_DIRECTIONS_.
Could you retype exactly the lines running from the line with "height=2, dxfattribs=at).set_placement((1496677.64, 604020.04))" to the end of the data, both included, and nothing else?
[RECORDS SUPPLIED — start]
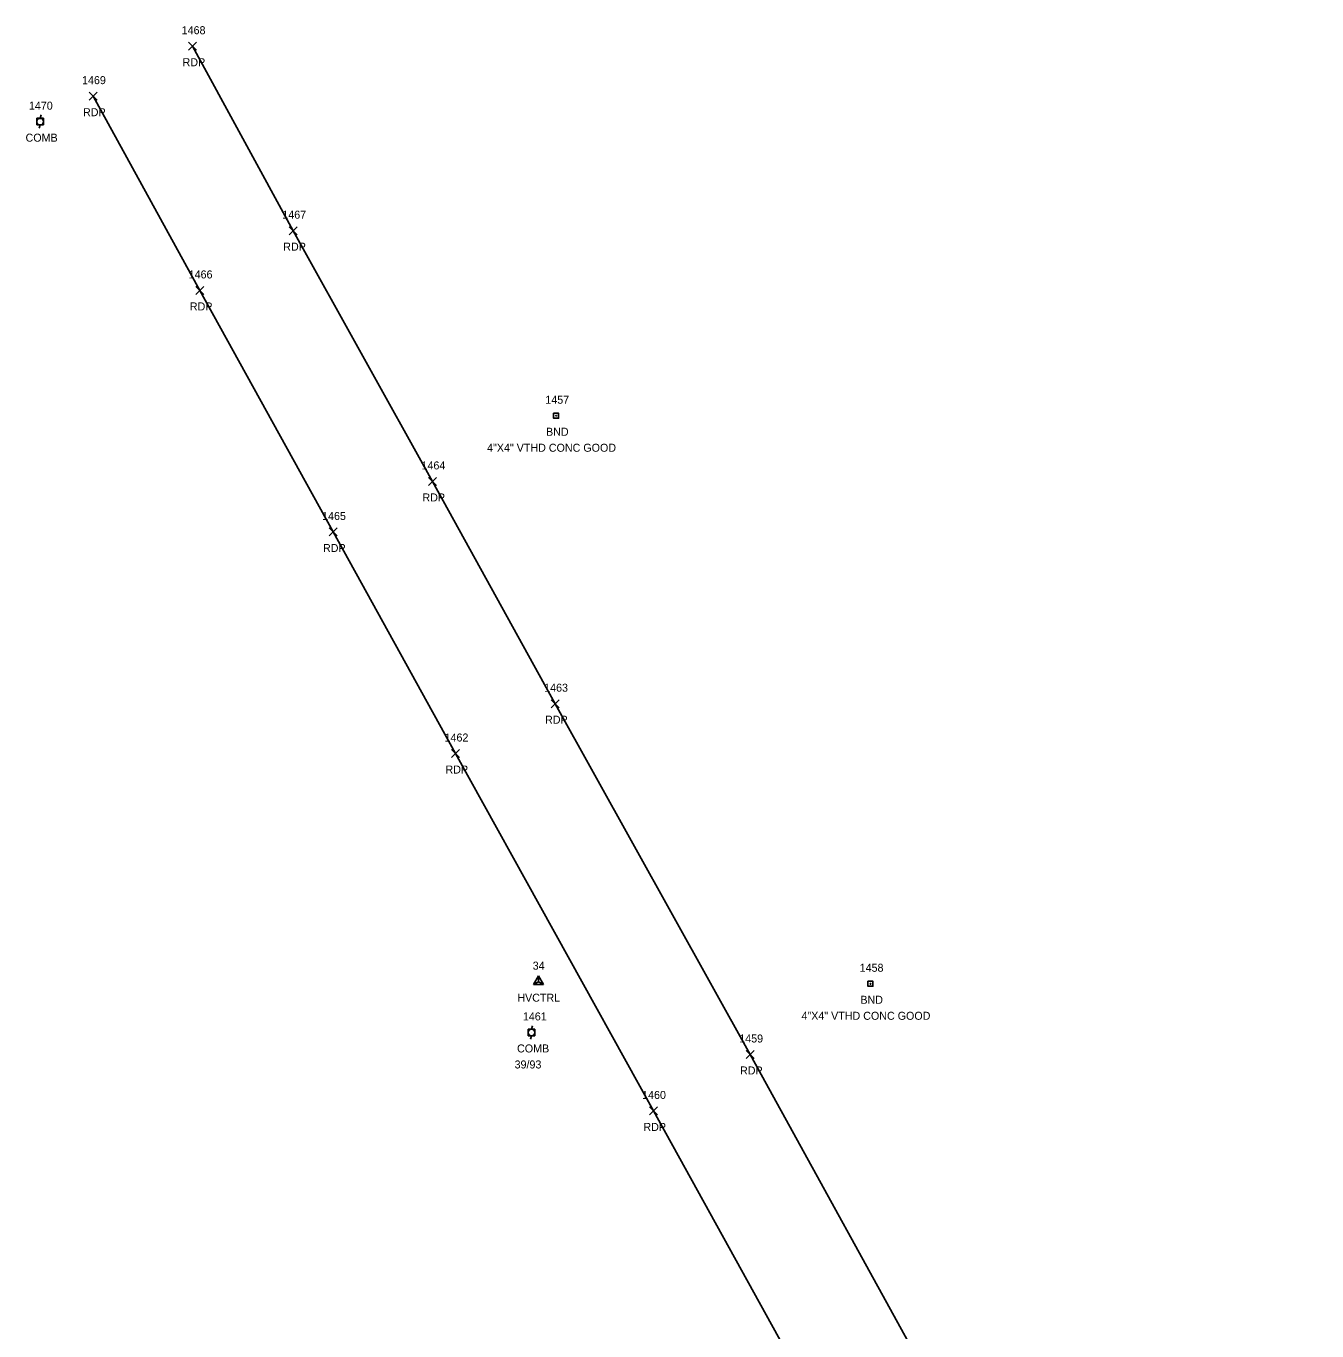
# Model space of a CAD drawing. Extents: x 1496556 to 1498241, y 599216 to 604470.
# Drawn here: x 1496555.6 to 1496878.1, y 603954.5 to 604280.5 of the extents above; entities that cross this region are included whole.
import ezdxf

# ---------------------------------------------------------------- set-up
doc = ezdxf.new("R2010")
doc.units = 0
for name, color, linetype in [('C_A', 7, 'Continuous'), ('C_I', 7, 'Continuous'), ('CPSM', 7, 'Continuous'), ('Level 18', 7, 'Continuous'), ('M_A', 7, 'Continuous'), ('M_C', 7, 'Continuous'), ('M_I', 7, 'Continuous'), ('P_A', 7, 'Continuous'), ('P_I', 7, 'Continuous'), ('P_TIC', 7, 'Continuous'), ('PET', 7, 'Continuous'), ('U_A', 7, 'Continuous'), ('U_C', 7, 'Continuous'), ('U_I', 7, 'Continuous'), ('UP', 7, 'Continuous')]:
    doc.layers.add(name, color=color, linetype=linetype)

msp = doc.modelspace()

# ---------------------------------------------------------------- linework, layer by layer
at = {"layer": 'CPSM'}
for p, q in [((1496682.37, 604041), (1496683.62, 604043.16)), ((1496682.37, 604041), (1496683.62, 604041.72)), ((1496682.37, 604041), (1496684.87, 604041)), ((1496684.87, 604041), (1496683.62, 604043.16)), ((1496683.62, 604041.72), (1496683.62, 604043.16)), ((1496683.62, 604041.72), (1496683.62, 604041.72)), ((1496683.62, 604041.72), (1496684.87, 604041))]:
    msp.add_line(p, q, dxfattribs=at)
at = {"layer": 'Level 18'}
for points in [[(1496687.39, 604183.76), (1496688.64, 604183.76), (1496688.64, 604182.51), (1496687.39, 604182.51)], [(1496765.91, 604041.82), (1496767.16, 604041.82), (1496767.16, 604040.57), (1496765.91, 604040.57)]]:
    msp.add_lwpolyline(points, close=True, dxfattribs=at)
for centre in [(1496688.01, 604183.14), (1496766.53, 604041.2)]:
    msp.add_circle(centre, 0.0833, dxfattribs=at)
at = {"layer": 'P_TIC'}
for points in [[(1496596.22, 604274.47), (1496598.22, 604276.47)], [(1496598.22, 604274.47), (1496596.22, 604276.47)], [(1496571.34, 604261.99), (1496573.34, 604263.99)], [(1496573.34, 604261.99), (1496571.34, 604263.99)], [(1496621.36, 604228.38), (1496623.36, 604230.38)], [(1496623.36, 604228.38), (1496621.36, 604230.38)], [(1496598.03, 604213.45), (1496600.03, 604215.45)], [(1496600.03, 604213.45), (1496598.03, 604215.45)], [(1496656.13, 604165.72), (1496658.13, 604167.72)], [(1496658.13, 604165.72), (1496656.13, 604167.72)], [(1496631.3, 604153.09), (1496633.3, 604155.09)], [(1496633.3, 604153.09), (1496631.3, 604155.09)], [(1496686.77, 604110.18), (1496688.77, 604112.18)], [(1496688.77, 604110.18), (1496686.77, 604112.18)], [(1496661.89, 604097.73), (1496663.89, 604099.73)], [(1496663.89, 604097.73), (1496661.89, 604099.73)], [(1496735.46, 604022.53), (1496737.46, 604024.53)], [(1496737.46, 604022.53), (1496735.46, 604024.53)], [(1496711.33, 604008.42), (1496713.33, 604010.42)], [(1496713.33, 604008.42), (1496711.33, 604010.42)]]:
    msp.add_lwpolyline(points, dxfattribs=at)
at = {"layer": 'PET'}
for points in [[(1497200.78, 603168.36), (1497190.31, 603189.95), (1497178.56, 603214.16), (1497156.38, 603259.17), (1497132.76, 603304.93), (1497107.74, 603351.81), (1497085.25, 603391.58), (1497052.51, 603451.39), (1497026.34, 603497.64), (1496978.11, 603585.44), (1496929.41, 603673.01), (1496891.52, 603741.51), (1496859.85, 603799.39), (1496832.17, 603849.95), (1496783.86, 603937.37), (1496736.46, 604023.53), (1496687.77, 604111.18), (1496657.13, 604166.72), (1496622.36, 604229.38), (1496597.22, 604275.47)], [(1497183.49, 603131.83), (1497176.45, 603149.42), (1497165.78, 603173.58), (1497153.07, 603202.24), (1497131.76, 603246.13), (1497108.09, 603291.8), (1497082.6, 603339.21), (1497060.69, 603378.6), (1497027.78, 603438.86), (1497002.63, 603483.06), (1496952.93, 603573.18), (1496904.09, 603661), (1496858.14, 603744.51), (1496836.02, 603785.33), (1496807.5, 603837.5), (1496759.38, 603924.22), (1496712.33, 604009.42), (1496662.89, 604098.73), (1496632.3, 604154.09), (1496599.03, 604214.45), (1496572.34, 604262.99)]]:
    msp.add_lwpolyline(points, dxfattribs=at)
at = {"layer": 'UP'}
for p, q in [((1496558.26, 604255.79), (1496558.26, 604257.46)), ((1496558.26, 604257.46), (1496559.93, 604257.46)), ((1496559.35, 604258.29), (1496559.1, 604257.46)), ((1496559.1, 604256.62), (1496559.1, 604256.62)), ((1496559.93, 604257.46), (1496559.93, 604255.79)), ((1496559.93, 604255.79), (1496558.26, 604255.79)), ((1496558.85, 604254.96), (1496559.1, 604255.79)), ((1496681.05, 604028.2), (1496681.05, 604029.87)), ((1496681.05, 604029.87), (1496682.71, 604029.87)), ((1496682.71, 604028.2), (1496681.05, 604028.2)), ((1496681.63, 604027.37), (1496681.88, 604028.2)), ((1496682.13, 604030.7), (1496681.88, 604029.87)), ((1496681.88, 604029.04), (1496681.88, 604029.04)), ((1496682.71, 604029.87), (1496682.71, 604028.2))]:
    msp.add_line(p, q, dxfattribs=at)
for centre in [(1496559.1, 604256.62), (1496681.88, 604029.04)]:
    msp.add_circle(centre, 0.833, dxfattribs=at)

# ---------------------------------------------------------------- texts
at = {"layer": 'C_A'}
msp.add_text('HVCTRL', height=2, dxfattribs=at).set_placement((1496678.32, 604036.72))
at = {"layer": 'C_I'}
msp.add_text('34', height=2, dxfattribs=at).set_placement((1496682.16, 604044.72))
at = {"layer": 'M_A'}
for p in [(1496685.5, 604178.14), (1496764.02, 604036.2)]:
    msp.add_text('BND', height=2, dxfattribs=at).set_placement(p)
at = {"layer": 'M_C'}
for p in [(1496670.77, 604174.14), (1496749.3, 604032.2)]:
    msp.add_text('4"X4" VTHD CONC GOOD', height=2, dxfattribs=at).set_placement(p)
at = {"layer": 'M_I'}
for s, p in [('1457', (1496685.32, 604186.14)), ('1458', (1496763.84, 604044.2))]:
    msp.add_text(s, height=2, dxfattribs=at).set_placement(p)
at = {"layer": 'P_A'}
for p in [(1496594.71, 604270.47), (1496569.83, 604257.99), (1496619.85, 604224.38), (1496596.52, 604209.45), (1496654.62, 604161.72), (1496629.78, 604149.09), (1496685.25, 604106.18), (1496660.38, 604093.73), (1496733.95, 604018.53), (1496709.82, 604004.42)]:
    msp.add_text('RDP', height=2, dxfattribs=at).set_placement(p)
at = {"layer": 'P_I'}
for s, p in [('1468', (1496594.48, 604278.47)), ('1469', (1496569.59, 604265.99)), ('1467', (1496619.62, 604232.38)), ('1466', (1496596.23, 604217.45)), ('1464', (1496654.39, 604169.72)), ('1465', (1496629.56, 604157.09)), ('1463', (1496685.03, 604114.18)), ('1462', (1496660.15, 604101.73)), ('1459', (1496733.76, 604026.53)), ('1460', (1496709.5, 604012.42))]:
    msp.add_text(s, height=2, dxfattribs=at).set_placement(p)
at = {"layer": 'U_A'}
for p in [(1496555.48, 604251.62), (1496678.26, 604024.04)]:
    msp.add_text('COMB', height=2, dxfattribs=at).set_placement(p)
at = {"layer": 'U_C'}
msp.add_text('39/93', height=2, dxfattribs=at).set_placement((1496677.64, 604020.04))
at = {"layer": 'U_I'}
for s, p in [('1470', (1496556.32, 604259.62)), ('1461', (1496679.71, 604032.04))]:
    msp.add_text(s, height=2, dxfattribs=at).set_placement(p)

doc.saveas('drawing.dxf')
[RECORDS SUPPLIED — finish]
_RESULT_.
msp.add_text('39/93', height=2, dxfattribs=at).set_placement((1496677.64, 604020.04))
at = {"layer": 'U_I'}
for s, p in [('1470', (1496556.32, 604259.62)), ('1461', (1496679.71, 604032.04))]:
    msp.add_text(s, height=2, dxfattribs=at).set_placement(p)

doc.saveas('drawing.dxf')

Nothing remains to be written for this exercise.